(Items from a dataset)
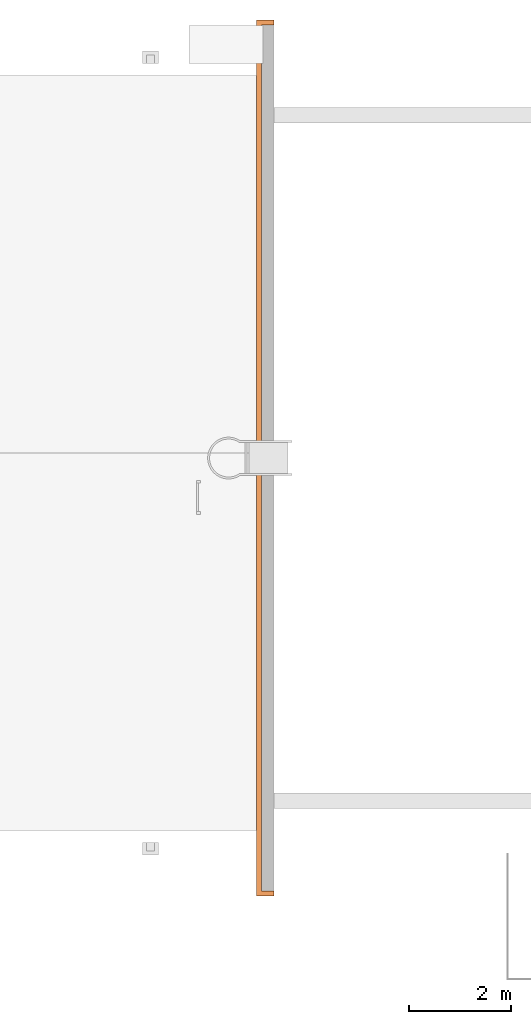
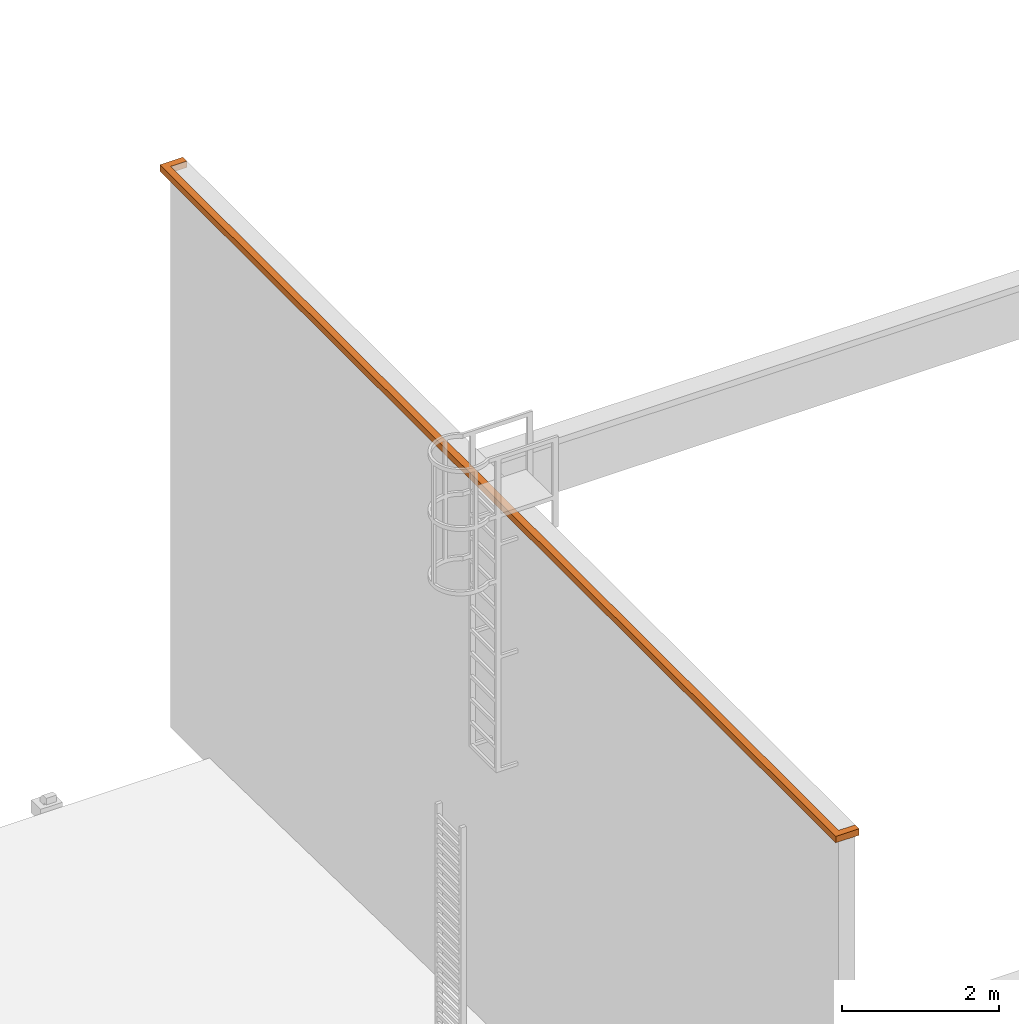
# One storey, part 6 of 6: 1 proxy.
"""IFC2X3 building model written with IfcOpenShell, lengths in millimetres."""

from ifc_helpers import new_model, entity, si_unit, converted_unit, derived_unit, direction, frame, origin, place, context, subcontext, project, spatial, faceted_brep, element, save


model = new_model("IFC2X3")

# Units and contexts
model_context = context("Model", 3, precision=0.01, world=origin(), true_north=direction((6.12303176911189e-17, 1.0)))
body_context = subcontext(model_context, "Body", "Model", "MODEL_VIEW")
ifc_project = project(units=[si_unit("LENGTHUNIT", "METRE", prefix="MILLI"), si_unit("AREAUNIT", "SQUARE_METRE"), si_unit("VOLUMEUNIT", "CUBIC_METRE"), converted_unit("PLANEANGLEUNIT", "DEGREE", entity("IfcRatioMeasure", 0.0174532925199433), si_unit("PLANEANGLEUNIT", "RADIAN"), dimensions=[0, 0, 0, 0, 0, 0, 0]), si_unit("MASSUNIT", "GRAM", prefix="KILO"), derived_unit("MASSDENSITYUNIT", [(si_unit("MASSUNIT", "GRAM", prefix="KILO"), 1), (si_unit("LENGTHUNIT", "METRE"), -3)]), si_unit("TIMEUNIT", "SECOND"), si_unit("FREQUENCYUNIT", "HERTZ"), si_unit("THERMODYNAMICTEMPERATUREUNIT", "DEGREE_CELSIUS"), derived_unit("THERMALTRANSMITTANCEUNIT", [(si_unit("MASSUNIT", "GRAM", prefix="KILO"), 1), (si_unit("THERMODYNAMICTEMPERATUREUNIT", "KELVIN"), -1), (si_unit("TIMEUNIT", "SECOND"), -3)]), derived_unit("VOLUMETRICFLOWRATEUNIT", [(si_unit("LENGTHUNIT", "METRE"), 3), (si_unit("TIMEUNIT", "SECOND"), -1)]), si_unit("ELECTRICCURRENTUNIT", "AMPERE"), si_unit("ELECTRICVOLTAGEUNIT", "VOLT"), si_unit("POWERUNIT", "WATT"), si_unit("FORCEUNIT", "NEWTON", prefix="KILO"), si_unit("ILLUMINANCEUNIT", "LUX"), si_unit("LUMINOUSFLUXUNIT", "LUMEN"), si_unit("LUMINOUSINTENSITYUNIT", "CANDELA"), derived_unit("USERDEFINED", [(si_unit("MASSUNIT", "GRAM", prefix="KILO"), -1), (si_unit("LENGTHUNIT", "METRE"), -2), (si_unit("TIMEUNIT", "SECOND"), 3), (si_unit("LUMINOUSFLUXUNIT", "LUMEN"), 1)]), derived_unit("LINEARVELOCITYUNIT", [(si_unit("LENGTHUNIT", "METRE"), 1), (si_unit("TIMEUNIT", "SECOND"), -1)]), si_unit("PRESSUREUNIT", "PASCAL"), derived_unit("USERDEFINED", [(si_unit("LENGTHUNIT", "METRE"), -2), (si_unit("MASSUNIT", "GRAM", prefix="KILO"), 1), (si_unit("TIMEUNIT", "SECOND"), -2)])], contexts=[model_context])

# Site, building, storey
site_placement = place(None, origin())
site = spatial("IfcSite", under=ifc_project, at=site_placement, Name="表面", CompositionType="ELEMENT")
building_placement = place(site_placement, origin())
building = spatial("IfcBuilding", under=site, at=building_placement, CompositionType="ELEMENT")
storey_placement = place(building_placement, frame((0.0, 0.0, 3300.0)))
storey = spatial("IfcBuildingStorey", under=building, at=storey_placement, Name="3.3000", CompositionType="ELEMENT", Elevation=3300.0)

# Proxy
proxy_placement = place(storey_placement, frame((-32368.798781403, -480.302592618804, 8600.0)))
element("IfcBuildingElementProxy", 1, at=proxy_placement, inside=storey, Name="墙饰条:压顶", ObjectType="墙饰条:压顶", context=body_context, shape_type="Brep", body=[
    faceted_brep([(0.0, 0.0, 0.0), (0.0, 0.0, 100.0), (0.0, 17180.0, 100.0), (0.0, 17180.0, 0.0), (100.0, 100.0, 0.0), (100.0, 17080.0, 0.0), (100.0, 100.0, 100.0), (100.0, 17080.0, 100.0), (340.0, 0.0, 100.0), (340.0, 0.0, 0.0), (340.0, 100.0, 0.0), (340.0, 100.0, 100.0), (340.0, 17180.0, 100.0), (340.0, 17080.0, 100.0), (340.0, 17080.0, 0.0), (340.0, 17180.0, 0.0)], [[[0, 1, 2, 3]], [[4, 0, 3, 5]], [[6, 4, 5, 7]], [[1, 6, 7, 2]], [[8, 9, 10, 11]], [[9, 8, 1, 0]], [[10, 9, 0, 4]], [[11, 10, 4, 6]], [[8, 11, 6, 1]], [[12, 13, 14, 15]], [[3, 2, 12, 15]], [[5, 3, 15, 14]], [[7, 5, 14, 13]], [[2, 7, 13, 12]]]),
])

save(model, "model.ifc")

HOW TO COMPLETE THIS TASK ▸ Would you return the records exactly as written, minus any image?

YOUR RESPONSE ▸
# One storey, part 6 of 6: 1 proxy.
"""IFC2X3 building model written with IfcOpenShell, lengths in millimetres."""

from ifc_helpers import new_model, entity, si_unit, converted_unit, derived_unit, direction, frame, origin, place, context, subcontext, project, spatial, faceted_brep, element, save


model = new_model("IFC2X3")

# Units and contexts
model_context = context("Model", 3, precision=0.01, world=origin(), true_north=direction((6.12303176911189e-17, 1.0)))
body_context = subcontext(model_context, "Body", "Model", "MODEL_VIEW")
ifc_project = project(units=[si_unit("LENGTHUNIT", "METRE", prefix="MILLI"), si_unit("AREAUNIT", "SQUARE_METRE"), si_unit("VOLUMEUNIT", "CUBIC_METRE"), converted_unit("PLANEANGLEUNIT", "DEGREE", entity("IfcRatioMeasure", 0.0174532925199433), si_unit("PLANEANGLEUNIT", "RADIAN"), dimensions=[0, 0, 0, 0, 0, 0, 0]), si_unit("MASSUNIT", "GRAM", prefix="KILO"), derived_unit("MASSDENSITYUNIT", [(si_unit("MASSUNIT", "GRAM", prefix="KILO"), 1), (si_unit("LENGTHUNIT", "METRE"), -3)]), si_unit("TIMEUNIT", "SECOND"), si_unit("FREQUENCYUNIT", "HERTZ"), si_unit("THERMODYNAMICTEMPERATUREUNIT", "DEGREE_CELSIUS"), derived_unit("THERMALTRANSMITTANCEUNIT", [(si_unit("MASSUNIT", "GRAM", prefix="KILO"), 1), (si_unit("THERMODYNAMICTEMPERATUREUNIT", "KELVIN"), -1), (si_unit("TIMEUNIT", "SECOND"), -3)]), derived_unit("VOLUMETRICFLOWRATEUNIT", [(si_unit("LENGTHUNIT", "METRE"), 3), (si_unit("TIMEUNIT", "SECOND"), -1)]), si_unit("ELECTRICCURRENTUNIT", "AMPERE"), si_unit("ELECTRICVOLTAGEUNIT", "VOLT"), si_unit("POWERUNIT", "WATT"), si_unit("FORCEUNIT", "NEWTON", prefix="KILO"), si_unit("ILLUMINANCEUNIT", "LUX"), si_unit("LUMINOUSFLUXUNIT", "LUMEN"), si_unit("LUMINOUSINTENSITYUNIT", "CANDELA"), derived_unit("USERDEFINED", [(si_unit("MASSUNIT", "GRAM", prefix="KILO"), -1), (si_unit("LENGTHUNIT", "METRE"), -2), (si_unit("TIMEUNIT", "SECOND"), 3), (si_unit("LUMINOUSFLUXUNIT", "LUMEN"), 1)]), derived_unit("LINEARVELOCITYUNIT", [(si_unit("LENGTHUNIT", "METRE"), 1), (si_unit("TIMEUNIT", "SECOND"), -1)]), si_unit("PRESSUREUNIT", "PASCAL"), derived_unit("USERDEFINED", [(si_unit("LENGTHUNIT", "METRE"), -2), (si_unit("MASSUNIT", "GRAM", prefix="KILO"), 1), (si_unit("TIMEUNIT", "SECOND"), -2)])], contexts=[model_context])

# Site, building, storey
site_placement = place(None, origin())
site = spatial("IfcSite", under=ifc_project, at=site_placement, Name="表面", CompositionType="ELEMENT")
building_placement = place(site_placement, origin())
building = spatial("IfcBuilding", under=site, at=building_placement, CompositionType="ELEMENT")
storey_placement = place(building_placement, frame((0.0, 0.0, 3300.0)))
storey = spatial("IfcBuildingStorey", under=building, at=storey_placement, Name="3.3000", CompositionType="ELEMENT", Elevation=3300.0)

# Proxy
proxy_placement = place(storey_placement, frame((-32368.798781403, -480.302592618804, 8600.0)))
element("IfcBuildingElementProxy", 1, at=proxy_placement, inside=storey, Name="墙饰条:压顶", ObjectType="墙饰条:压顶", context=body_context, shape_type="Brep", body=[
    faceted_brep([(0.0, 0.0, 0.0), (0.0, 0.0, 100.0), (0.0, 17180.0, 100.0), (0.0, 17180.0, 0.0), (100.0, 100.0, 0.0), (100.0, 17080.0, 0.0), (100.0, 100.0, 100.0), (100.0, 17080.0, 100.0), (340.0, 0.0, 100.0), (340.0, 0.0, 0.0), (340.0, 100.0, 0.0), (340.0, 100.0, 100.0), (340.0, 17180.0, 100.0), (340.0, 17080.0, 100.0), (340.0, 17080.0, 0.0), (340.0, 17180.0, 0.0)], [[[0, 1, 2, 3]], [[4, 0, 3, 5]], [[6, 4, 5, 7]], [[1, 6, 7, 2]], [[8, 9, 10, 11]], [[9, 8, 1, 0]], [[10, 9, 0, 4]], [[11, 10, 4, 6]], [[8, 11, 6, 1]], [[12, 13, 14, 15]], [[3, 2, 12, 15]], [[5, 3, 15, 14]], [[7, 5, 14, 13]], [[2, 7, 13, 12]]]),
])

save(model, "model.ifc")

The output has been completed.